Return the entries exactly. Images are not part of the copy.
#####
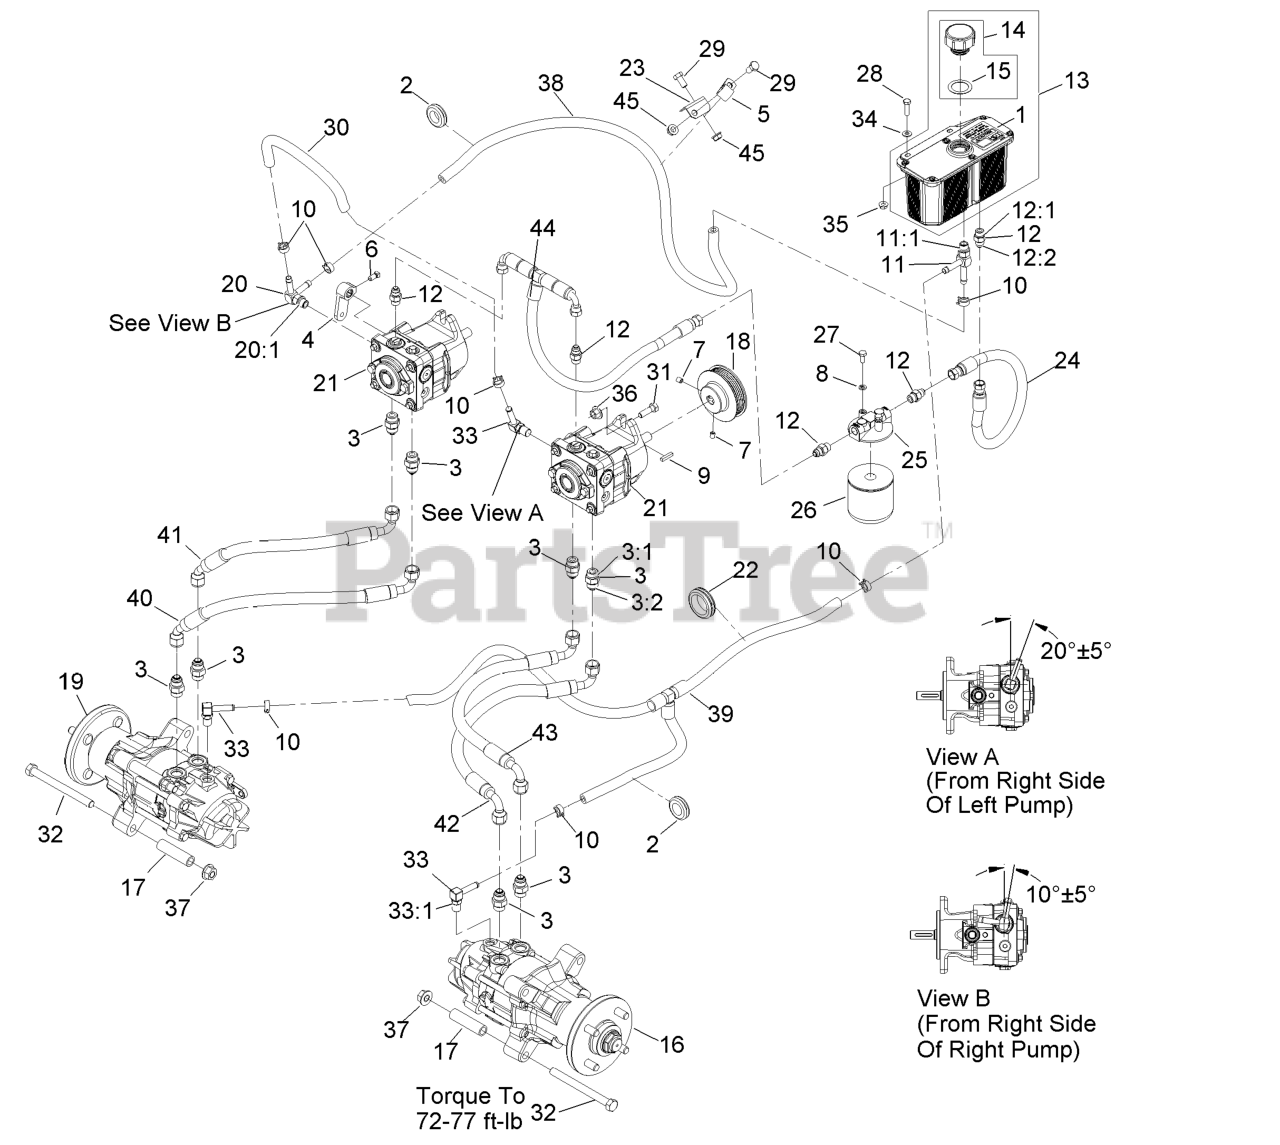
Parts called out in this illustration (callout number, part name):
1	DECAL-HYDRAULIC TANK
2	GROMMET
3	FITTING-STRAIGHT
4	ARM-CONTROL, PUMP
5	CLIP-LOOM
6	SCREW-SET
7	SCREW-SET
8	WASHER-LOCK
10	CLAMP-HOSE
11	ADAPTER-RUN, TEE
11:1	O-RING
12	FITTING-STRAIGHT
12:1	O-RING
13	HYD RESERVOIR ASM
14	KIT,HYD RES CAP W/GASKET
15	GASKET-CAP
16	MOTOR,PRM18-LH
16:5	ASM, WHEEL HUB W/STUDS
19	MOTOR,PRM18-RH
20	ADAPTER-TEE
20:1	O-RING
22	GROMMET
23	BRACKET-CLAMP
24	HYDRAULIC HOSE ASM
25	HEAD-FILTER
26	FILTER-25 MICRON, BI-DIRE
26	ELEMENT-FILTER, WINTER
27	SCREW-HH
28	SCREW-HH
29	SCREW-HH
30	HOSE-HYD
31	SCREW-HH
32	SCREW-HH
33	FITTING-ELBOW, 90
34	WASHER-FLAT
36	NUT-FLANGE
37	NUT-HHF
38	HOSE-HYD
39	ASM,HYDRAULIC HOSE
40	ASM,HYDRAULIC HOSE
41	ASM,HYDRAULIC HOSE
42	ASM,HYDRAULIC HOSE
43	ASM,HYDRAULIC HOSE
44	HYDRAULIC HOSE ASM
45	NUT-HHF, WHIZ
#####
=== Exercise result ===
Parts called out in this illustration (callout number, part name):
1	DECAL-HYDRAULIC TANK
2	GROMMET
3	FITTING-STRAIGHT
4	ARM-CONTROL, PUMP
5	CLIP-LOOM
6	SCREW-SET
7	SCREW-SET
8	WASHER-LOCK
10	CLAMP-HOSE
11	ADAPTER-RUN, TEE
11:1	O-RING
12	FITTING-STRAIGHT
12:1	O-RING
13	HYD RESERVOIR ASM
14	KIT,HYD RES CAP W/GASKET
15	GASKET-CAP
16	MOTOR,PRM18-LH
16:5	ASM, WHEEL HUB W/STUDS
19	MOTOR,PRM18-RH
20	ADAPTER-TEE
20:1	O-RING
22	GROMMET
23	BRACKET-CLAMP
24	HYDRAULIC HOSE ASM
25	HEAD-FILTER
26	FILTER-25 MICRON, BI-DIRE
26	ELEMENT-FILTER, WINTER
27	SCREW-HH
28	SCREW-HH
29	SCREW-HH
30	HOSE-HYD
31	SCREW-HH
32	SCREW-HH
33	FITTING-ELBOW, 90
34	WASHER-FLAT
36	NUT-FLANGE
37	NUT-HHF
38	HOSE-HYD
39	ASM,HYDRAULIC HOSE
40	ASM,HYDRAULIC HOSE
41	ASM,HYDRAULIC HOSE
42	ASM,HYDRAULIC HOSE
43	ASM,HYDRAULIC HOSE
44	HYDRAULIC HOSE ASM
45	NUT-HHF, WHIZ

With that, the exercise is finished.